> _Problem_
Leave out the pictures, then output the lines of the records below from the first through the one containing "Layer 2 w0.254: v3(38.038,14.891)".

<<<<

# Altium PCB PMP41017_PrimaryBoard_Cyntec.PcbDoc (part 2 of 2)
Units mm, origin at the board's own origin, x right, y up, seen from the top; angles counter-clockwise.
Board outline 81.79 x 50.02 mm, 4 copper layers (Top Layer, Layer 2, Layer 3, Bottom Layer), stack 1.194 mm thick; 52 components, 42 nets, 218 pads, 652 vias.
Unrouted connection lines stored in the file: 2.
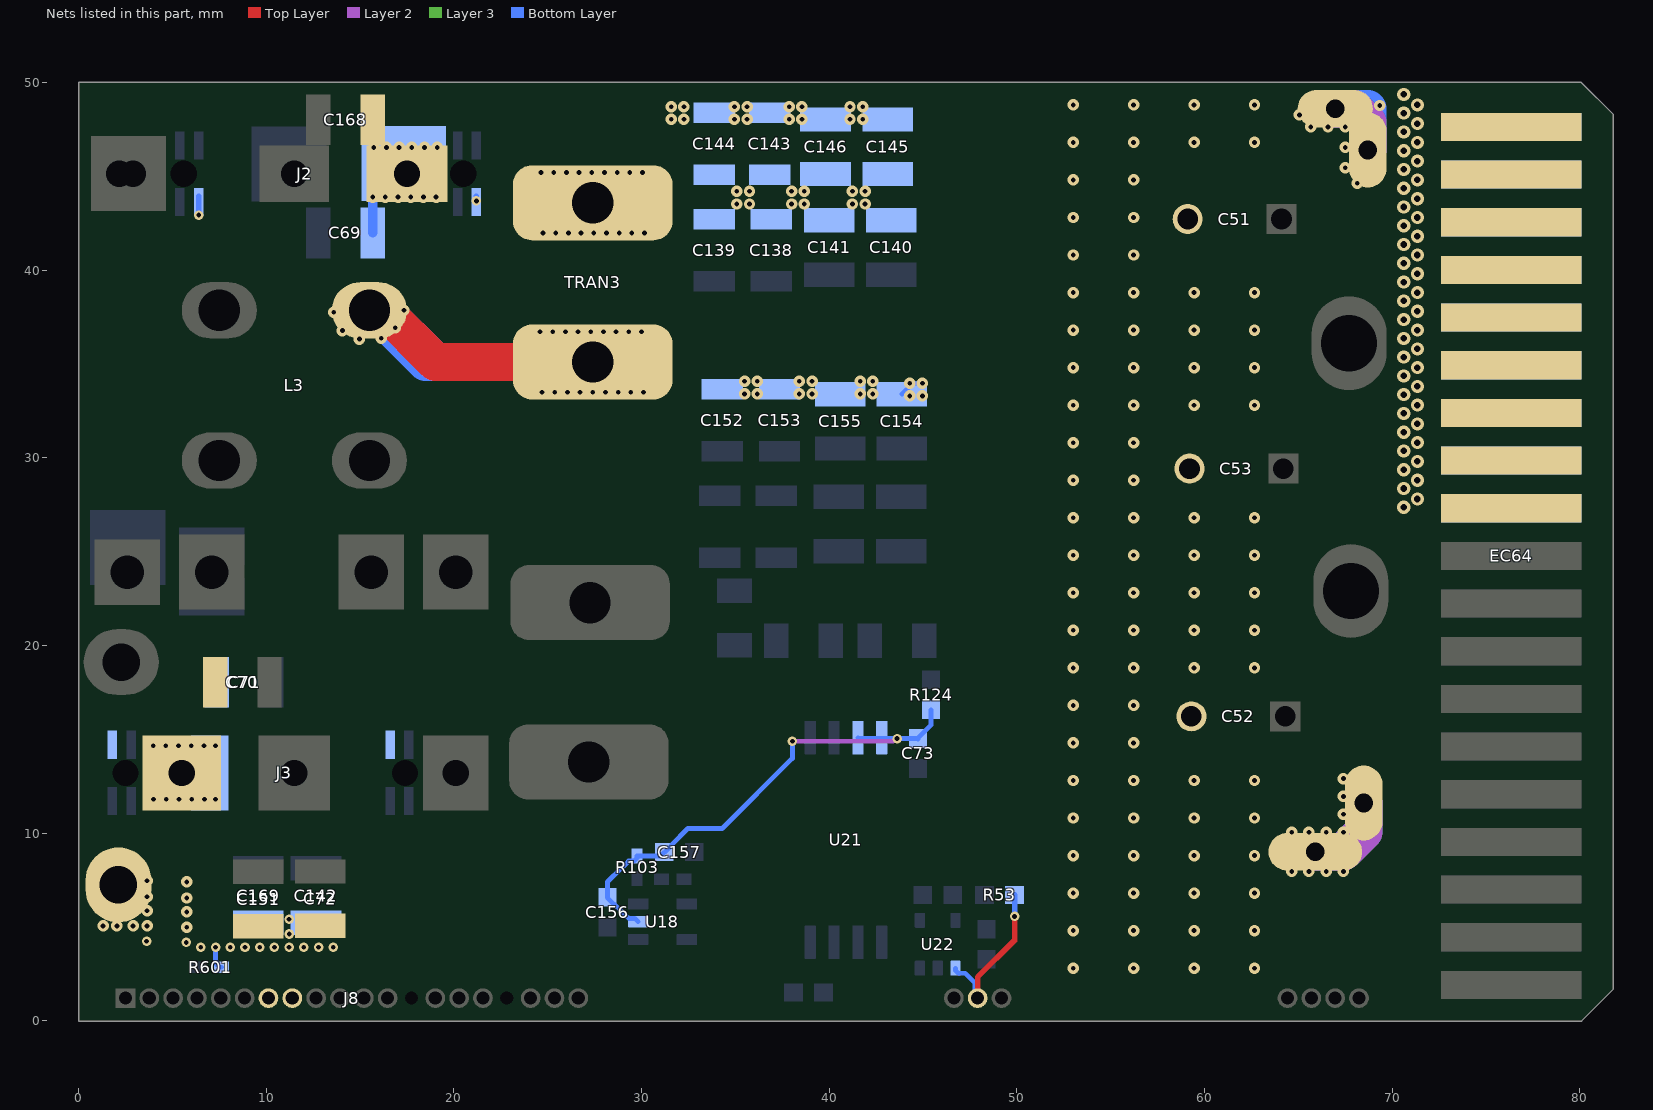
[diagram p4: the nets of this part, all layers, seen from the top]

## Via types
v1: diameter 0.61, hole 0.254, Top Layer to Bottom Layer, tented both sides, 497 vias
v2: diameter 0.7, hole 0.35, Top Layer to Bottom Layer, tented both sides, 110 vias
v3: diameter 0.508, hole 0.254, Top Layer to Bottom Layer, tented both sides, 45 vias

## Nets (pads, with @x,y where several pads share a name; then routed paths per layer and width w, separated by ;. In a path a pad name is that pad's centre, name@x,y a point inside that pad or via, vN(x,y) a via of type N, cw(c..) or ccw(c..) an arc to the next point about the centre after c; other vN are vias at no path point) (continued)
PB_PGND: C69.2 C70.2 C71.2 C72.2 C73.2 C142.2 C143.2 C144.2 C145.2 C146.2 C151.2 C152.2 C153.2 C154.2 C155.2 C156.2 C157.2 C168.2 C169.2 J2.PG J3.PG pad.5@2.126,7.238 pad.5@6.985,13.2 pad.5@17.321,45.681 R103.1 R124.1 R601.1 U18.2 U21.3 U21.4 | length 32.6
  Layer 2 w0.254: v3(38.038,14.891) 43.407,14.891 43.548,15.031 v3(43.616,15.031)
  Bottom Layer w0.254: v3(7.301,3.914) 7.301,3.169 7.351,3.119 7.351,3.019 7.524,2.846 R601.1@7.624,2.846 ; C69.2@15.673,41.978 C69.2@15.674,41.977 ; U18.2@29.815,5.274 29.642,5.447 29.314,5.447 29.167,5.594 29.158,5.594 28.935,5.817 28.935,5.826 28.556,6.205 28.531,6.205 28.183,6.553 C156.2@28.183,6.578 28.183,7.378 ; v3(38.038,14.891) 38.038,13.975 34.304,10.241 32.474,10.241 31.587,9.354 31.587,9.329 31.239,8.981 C157.2@31.214,8.981 31.008,8.776 R103.1@29.759,8.776 29.759,8.676 29.586,8.503 29.307,8.503 28.556,7.751 ; U21.3@41.529,15.082 41.57,15.041 v3@43.616,15.041 ; v3(43.616,15.031) 44.722,15.031 44.737,15.016 C73.2@44.737,15.041 44.737,15.066 45.429,15.758 R124.1@45.429,16.57 ; C154.2@43.873,33.391 44.452,33.969 v1(44.969,33.969) ; 28.183,7.378 28.556,7.751 ; 28.183,7.378 28.183,7.403 28.531,7.751 28.556,7.751
  Bottom Layer w0.5: C69.2@15.673,41.978 v1(15.673,43.885)
  Bottom Layer w2: pad.5@2.126,7.238 pad.5@2.126,7.508
  other v1: 5.77,4.984 1.305,5.05 2.045,5.05 2.903,5.05 3.65,5.05 5.77,5.798 3.65,5.865 5.77,6.539 3.65,6.605 5.77,7.397 3.65,7.463 4,11.798 4.676,11.798 5.352,11.798 6.028,11.798 6.704,11.798 7.295,11.798 3.974,14.65 4.651,14.65 5.327,14.65 6.003,14.65 6.679,14.65 7.295,14.65 44.292,33.293 44.969,33.293 35.489,33.399 36.165,33.399 38.409,33.399 39.085,33.399 41.647,33.399 42.323,33.399 44.292,33.969 35.489,34.075 36.165,34.075 38.409,34.075 39.085,34.075 41.647,34.075 42.323,34.075 16.349,43.885 17.025,43.885 17.701,43.885 18.377,43.885 19.053,43.885 15.728,46.535 16.404,46.535 17.08,46.535 17.757,46.535 18.433,46.535 19.109,46.535 31.582,48.028 32.258,48.028 34.948,48.028 35.625,48.028 37.868,48.028 38.544,48.028 41.107,48.028 41.783,48.028 31.582,48.704 32.258,48.704 34.948,48.704 35.625,48.704 37.868,48.704 38.544,48.704 41.107,48.704 41.783,48.704
  other v3: 6.517,3.914 8.084,3.914 8.868,3.914 9.652,3.914 10.436,3.914 11.22,3.914 12.003,3.914 12.787,3.914 13.571,3.914 5.742,4.168 3.622,4.234 11.232,4.619 11.22,5.403
PB_RX-PFC: J8.8
PB_TX-PFC: J8.7
TEMP_1H_1: J2.5 | length 1
  Bottom Layer w0.3: v3(6.4,42.926) J2.5@6.4,43.933
TEMP_1L_1: J2.1 | length 0.3
  Bottom Layer w0.3: v3(21.2,43.683) J2.1@21.2,43.933
TEMP_2H_1: J3.5
TEMP_2L_1: J3.1
TR1_HV_N: C138.2 C139.2 C140.2 C141.2 C143.1 C144.1 C145.1 C146.1 TRAN3.2 | length 4.2
  Top Layer w2: TRAN3.2@27.4,43.58 TRAN3.2@27.727,43.907
  Layer 2 w2: TRAN3.2@27.4,43.58 TRAN3.2@27.727,43.907
  Layer 3 w2: TRAN3.2@27.4,43.58 TRAN3.2@27.727,43.907
  Bottom Layer w2: TRAN3.2@27.4,43.58 TRAN3.2@30.191,43.58
  other v1: 24.749,41.969 25.425,41.969 26.101,41.969 26.777,41.969 27.454,41.969 28.13,41.969 28.806,41.969 29.482,41.969 30.158,41.969 35.075,43.52 35.752,43.52 37.995,43.52 38.672,43.52 41.234,43.52 41.91,43.52 35.075,44.196 35.752,44.196 37.995,44.196 38.672,44.196 41.234,44.196 41.91,44.196 24.642,45.191 25.318,45.191 25.994,45.191 26.67,45.191 27.346,45.191 28.023,45.191 28.699,45.191 29.375,45.191 30.051,45.191
TR1_HV_P: L3.1 TRAN3.1 | length 37.6
  Top Layer w2: L3.1@15.5,37.852 16.271,37.852 19.023,35.1 TRAN3.1@27.4,35.1
  Layer 2 w2: L3.1@15.5,37.852 16.271,37.852 19.023,35.1 TRAN3.1@27.4,35.1
  Bottom Layer w2: L3.1@16.654,36.941 18.495,35.1 TRAN3.1@27.4,35.1
  other v1: 24.696,33.489 25.372,33.489 26.048,33.489 26.724,33.489 27.4,33.489 28.076,33.489 28.753,33.489 29.429,33.489 30.105,33.489 14.967,36.319 16.128,36.36 24.588,36.711 25.264,36.711 25.94,36.711 26.616,36.711 27.293,36.711 27.969,36.711 28.645,36.711 29.321,36.711 29.997,36.711 14.058,36.774 16.875,36.92 13.6,37.746 17.339,37.852
V0-out: C51.2 C52.2 C53.2 EC64.A1 EC64.A2 EC64.A3 EC64.A4 EC64.A5 EC64.A6 EC64.A7 EC64.A8 EC64.A9 EC64.B1 EC64.B2 EC64.B3 EC64.B4 EC64.B5 EC64.B6 EC64.B7 EC64.B8 EC64.B9 pad.4@65.9,9 pad.4@66.963,48.6 pad.4@68.7,46.4 pad.4@68.481,11.6 | length 16.5
  Layer 2 w2: pad.4@65.9,9 67.4,9 68.481,10.081 pad.4@68.481,11.6 ; pad.4@66.963,48.6 67.963,48.6 68.7,47.863 pad.4@68.7,46.4
  Bottom Layer w2: pad.4@65.9,9 67.4,9 68.481,10.081 pad.4@68.481,11.6 ; pad.4@66.963,48.6 68.7,48.6 pad.4@68.7,46.4
  other v1: 53,2.8 56.22,2.8 59.44,2.8 62.66,2.8 53,4.8 56.22,4.8 59.44,4.8 62.66,4.8 53,6.8 56.22,6.8 59.44,6.8 62.66,6.8 64.643,7.954 65.562,7.954 66.481,7.954 67.4,7.954 53,8.8 56.22,8.8 59.44,8.8 62.66,8.8 64.643,10.046 65.562,10.046 66.481,10.046 67.4,10.046 53,10.8 56.22,10.8 59.44,10.8 62.66,10.8 67.4,10.997 67.4,11.948 53,12.8 56.22,12.8 59.44,12.8 62.66,12.8 67.4,12.899 53,14.8 56.22,14.8 53,16.8 56.22,16.8 53,18.8 56.22,18.8 59.44,18.8 62.66,18.8 53,20.8 56.22,20.8 59.44,20.8 62.66,20.8 53,22.8 56.22,22.8 59.44,22.8 62.66,22.8 53,24.8 56.22,24.8 59.44,24.8 62.66,24.8 53,26.8 56.22,26.8 59.44,26.8 62.66,26.8 53,28.8 56.22,28.8 53,30.8 56.22,30.8 53,32.8 56.22,32.8 59.44,32.8 62.66,32.8 53,34.8 56.22,34.8 59.44,34.8 62.66,34.8 53,36.8 56.22,36.8 59.44,36.8 62.66,36.8 53,38.8 56.22,38.8 59.44,38.8 62.66,38.8 53,40.8 56.22,40.8 53,42.8 56.22,42.8 68.131,44.63 53,44.8 56.22,44.8 67.497,45.447 67.497,46.536 53,46.8 56.22,46.8 59.44,46.8 62.66,46.8 65.659,47.625 66.578,47.625 67.497,47.625 65.054,48.263 69.332,48.768 53,48.8 56.22,48.8 59.44,48.8 62.66,48.8
  other v2: 70.612,27.359 71.341,27.8 70.612,28.359 71.341,28.8 70.612,29.359 71.341,29.8 70.612,30.359 71.341,30.8 70.612,31.359 71.341,31.8 70.612,32.359 71.341,32.8 70.612,33.359 71.341,33.8 70.612,34.359 71.341,34.8 70.612,35.359 71.341,35.8 70.612,36.359 71.341,36.8 70.612,37.359 71.341,37.8 70.612,38.359 71.341,38.8 70.612,39.359 71.341,39.8 70.612,40.359 71.341,40.8 70.612,41.359 71.341,41.8 70.612,42.359 71.341,42.8 70.612,43.359 71.341,43.8 70.612,44.359 71.341,44.8 70.612,45.359 71.341,45.8 70.612,46.359 71.341,46.8 70.612,47.359 71.341,47.8 70.612,48.359 71.341,48.8 70.612,49.359
VPRI: pad.5@47.91,1.2 R53.1 U22.1 | length 8.6
  Top Layer w0.3: pad.5@47.91,1.2 47.91,2.319 49.878,4.287 v3(49.878,5.554)
  Bottom Layer w0.254: U22.1@46.731,2.799 46.731,2.674 46.879,2.526 47.242,2.526 47.758,2.01 47.758,1.352 pad.5@47.91,1.2
  Bottom Layer w0.3: v3(49.878,5.554) R53.1@49.878,6.701
pads on no net: EC64.A19 EC64.B19 J2.0 J3.0 J8.2 J8.3 J8.13 J8.17

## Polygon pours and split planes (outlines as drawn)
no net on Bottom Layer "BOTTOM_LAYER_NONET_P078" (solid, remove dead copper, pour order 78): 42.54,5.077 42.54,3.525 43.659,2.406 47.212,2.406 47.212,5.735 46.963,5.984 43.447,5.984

>>>>

> _Answer to the exercise_
# Altium PCB PMP41017_PrimaryBoard_Cyntec.PcbDoc (part 2 of 2)
Units mm, origin at the board's own origin, x right, y up, seen from the top; angles counter-clockwise.
Board outline 81.79 x 50.02 mm, 4 copper layers (Top Layer, Layer 2, Layer 3, Bottom Layer), stack 1.194 mm thick; 52 components, 42 nets, 218 pads, 652 vias.
Unrouted connection lines stored in the file: 2.
[diagram p4: the nets of this part, all layers, seen from the top]

## Via types
v1: diameter 0.61, hole 0.254, Top Layer to Bottom Layer, tented both sides, 497 vias
v2: diameter 0.7, hole 0.35, Top Layer to Bottom Layer, tented both sides, 110 vias
v3: diameter 0.508, hole 0.254, Top Layer to Bottom Layer, tented both sides, 45 vias

## Nets (pads, with @x,y where several pads share a name; then routed paths per layer and width w, separated by ;. In a path a pad name is that pad's centre, name@x,y a point inside that pad or via, vN(x,y) a via of type N, cw(c..) or ccw(c..) an arc to the next point about the centre after c; other vN are vias at no path point) (continued)
PB_PGND: C69.2 C70.2 C71.2 C72.2 C73.2 C142.2 C143.2 C144.2 C145.2 C146.2 C151.2 C152.2 C153.2 C154.2 C155.2 C156.2 C157.2 C168.2 C169.2 J2.PG J3.PG pad.5@2.126,7.238 pad.5@6.985,13.2 pad.5@17.321,45.681 R103.1 R124.1 R601.1 U18.2 U21.3 U21.4 | length 32.6
  Layer 2 w0.254: v3(38.038,14.891) 43.407,14.891 43.548,15.031 v3(43.616,15.031)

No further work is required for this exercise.